Kementerian Pertanian, terus memperkuat produksi kedelai nasional, di antaranya melalui Sekolah Lapangan Pengelolaan Tanaman Terpadu (SL-PTT).  PTT merupakan pendekatan inovatif dan dinamis untuk memacu peningkatan produksi kedelai dan pendapatan petani. Sekolah Lapang diharapkan menjadi motor penggerak PTT, untuk memacu produksi kedelai nasional.

 

Di Kecamatan Binangun, Kabupaten Blitar, SL-PTT kedelai dilaksanakan cukup baik.  Gapoktan Rukun Makmur Kecamatan Binangun Blitar mengkoordinasikan 29 Kelompok Tani; dan tiap satu kelompok melaksanakan PTT kedelai seluas 10 ha. Pertumbuhan tanaman kedelai relatif bagus, pada hamparan yang relatif luas. Saat kunjungan lapang, 14 April 2012, umur tanaman kedelai sekitar 70 hari, sebagian besar ditanam di lahan kering.  Pengalaman petani yang cukup lama, prediksi awal tanam kedelai, betul-betul diketahui, jarang kedelai mengalami kekeringan.

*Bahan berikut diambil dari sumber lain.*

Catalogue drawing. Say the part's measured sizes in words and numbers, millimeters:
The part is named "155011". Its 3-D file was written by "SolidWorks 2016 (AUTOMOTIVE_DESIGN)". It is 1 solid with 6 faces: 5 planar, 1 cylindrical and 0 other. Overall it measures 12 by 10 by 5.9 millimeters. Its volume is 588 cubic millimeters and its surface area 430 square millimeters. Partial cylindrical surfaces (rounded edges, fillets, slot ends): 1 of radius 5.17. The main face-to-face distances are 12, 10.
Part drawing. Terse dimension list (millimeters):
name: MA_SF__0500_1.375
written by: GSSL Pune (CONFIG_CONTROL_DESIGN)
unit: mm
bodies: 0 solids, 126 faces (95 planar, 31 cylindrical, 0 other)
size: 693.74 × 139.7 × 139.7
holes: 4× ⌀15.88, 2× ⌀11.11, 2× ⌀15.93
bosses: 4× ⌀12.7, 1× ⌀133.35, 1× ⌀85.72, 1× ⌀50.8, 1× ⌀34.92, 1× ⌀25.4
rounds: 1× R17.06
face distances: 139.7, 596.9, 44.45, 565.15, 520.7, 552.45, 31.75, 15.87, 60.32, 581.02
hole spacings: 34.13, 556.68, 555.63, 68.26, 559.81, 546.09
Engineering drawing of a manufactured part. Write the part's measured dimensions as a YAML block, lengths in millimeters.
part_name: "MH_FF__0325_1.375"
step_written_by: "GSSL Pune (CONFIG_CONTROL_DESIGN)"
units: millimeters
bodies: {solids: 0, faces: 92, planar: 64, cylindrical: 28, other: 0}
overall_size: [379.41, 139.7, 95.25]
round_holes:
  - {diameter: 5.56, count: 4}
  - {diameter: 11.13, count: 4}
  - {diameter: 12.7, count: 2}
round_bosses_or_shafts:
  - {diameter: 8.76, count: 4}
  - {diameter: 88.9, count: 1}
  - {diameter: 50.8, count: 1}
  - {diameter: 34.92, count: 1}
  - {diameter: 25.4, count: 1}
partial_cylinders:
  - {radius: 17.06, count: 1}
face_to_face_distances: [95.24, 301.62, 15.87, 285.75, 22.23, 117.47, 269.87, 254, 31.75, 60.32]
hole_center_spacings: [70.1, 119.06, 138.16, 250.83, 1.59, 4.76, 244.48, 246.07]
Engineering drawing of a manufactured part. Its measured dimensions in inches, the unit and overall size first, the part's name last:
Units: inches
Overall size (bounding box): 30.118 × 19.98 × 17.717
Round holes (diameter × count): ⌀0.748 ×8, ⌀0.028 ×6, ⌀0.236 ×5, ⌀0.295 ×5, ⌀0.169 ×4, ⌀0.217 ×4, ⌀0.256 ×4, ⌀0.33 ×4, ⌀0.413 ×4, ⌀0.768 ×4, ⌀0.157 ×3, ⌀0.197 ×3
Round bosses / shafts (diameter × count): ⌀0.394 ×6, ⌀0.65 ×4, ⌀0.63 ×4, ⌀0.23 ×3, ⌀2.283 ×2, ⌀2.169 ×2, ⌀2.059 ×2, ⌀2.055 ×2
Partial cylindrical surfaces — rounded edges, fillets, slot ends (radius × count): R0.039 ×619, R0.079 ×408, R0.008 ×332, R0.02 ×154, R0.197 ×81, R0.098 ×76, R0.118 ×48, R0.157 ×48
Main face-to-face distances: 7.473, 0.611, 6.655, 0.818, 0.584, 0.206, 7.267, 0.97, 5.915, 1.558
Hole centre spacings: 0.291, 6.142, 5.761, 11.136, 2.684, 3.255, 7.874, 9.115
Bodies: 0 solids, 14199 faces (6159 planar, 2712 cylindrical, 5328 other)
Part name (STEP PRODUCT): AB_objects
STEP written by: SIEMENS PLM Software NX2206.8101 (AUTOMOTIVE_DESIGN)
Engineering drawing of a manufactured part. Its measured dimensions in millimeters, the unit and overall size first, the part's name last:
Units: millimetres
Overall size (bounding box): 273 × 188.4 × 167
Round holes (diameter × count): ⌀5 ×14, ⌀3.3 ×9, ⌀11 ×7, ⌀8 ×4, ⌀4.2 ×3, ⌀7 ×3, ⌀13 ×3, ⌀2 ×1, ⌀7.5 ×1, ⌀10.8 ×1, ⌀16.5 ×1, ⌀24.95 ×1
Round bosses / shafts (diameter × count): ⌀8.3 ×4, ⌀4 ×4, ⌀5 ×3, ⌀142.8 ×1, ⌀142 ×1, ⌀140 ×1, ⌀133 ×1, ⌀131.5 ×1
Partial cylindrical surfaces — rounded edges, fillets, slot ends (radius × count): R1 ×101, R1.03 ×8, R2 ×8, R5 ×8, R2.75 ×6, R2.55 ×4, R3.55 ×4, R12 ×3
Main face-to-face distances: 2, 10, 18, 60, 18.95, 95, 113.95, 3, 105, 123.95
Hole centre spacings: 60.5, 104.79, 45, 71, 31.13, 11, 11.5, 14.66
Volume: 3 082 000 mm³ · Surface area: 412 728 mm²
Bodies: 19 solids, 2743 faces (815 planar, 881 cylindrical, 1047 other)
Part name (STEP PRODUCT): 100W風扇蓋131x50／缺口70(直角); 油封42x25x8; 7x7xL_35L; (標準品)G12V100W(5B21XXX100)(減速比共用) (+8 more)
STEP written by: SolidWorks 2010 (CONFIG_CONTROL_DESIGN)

Tertibnya pelaksanaan SL-PTT di Binangun, dibuktikan dengan tetap terba­ngunnya pertemuan Kelompok Tani, yang dilakukan setiap tanggal 17, dan selalu dihadiri oleh penyuluh, untuk menyampaikan informasi tentang kedelai, dan mencari penyelesaian akan permasalahan yang dihadapi petani kedelai.  Bahkan menurut pengurus Kelompok Tani, Tani Maju; jika tidak hadir diberi sangsi, oleh pengurus Gapoktan. Suatu pembelajaran yang baik.

Hamparan PTT kedelai di lahan kering Binangun

Benih berkualitas, masih menjadi keluhan petani.  Menurut beberapa petani, benih varietas Wilis, kualitasnya kurang baik. Petani akhirnya menggunakan varietas Anjasmoro. Apalagi harga kedelai berbiji besar lebih mahal dibanding­kan kedelai berukuran biji sedang. Muchlish Adie, pemulia kedelai, menyampai­kan bahwa Badan Litbang Pertanian, memiliki varietas kedelai terbaru, yakni varietas Gema, berumur super genjah (73 hari), namun ukuran bijinya sedang (sekitar 12 g/100 biji).  Petani berkeinginan untuk mencoba, tertarik karena umurnya yang sangat genjah.  Pertanyaan petani, benihnya sudah ada pak? Balitkabi sedang menyiapkan produksi benih Gema.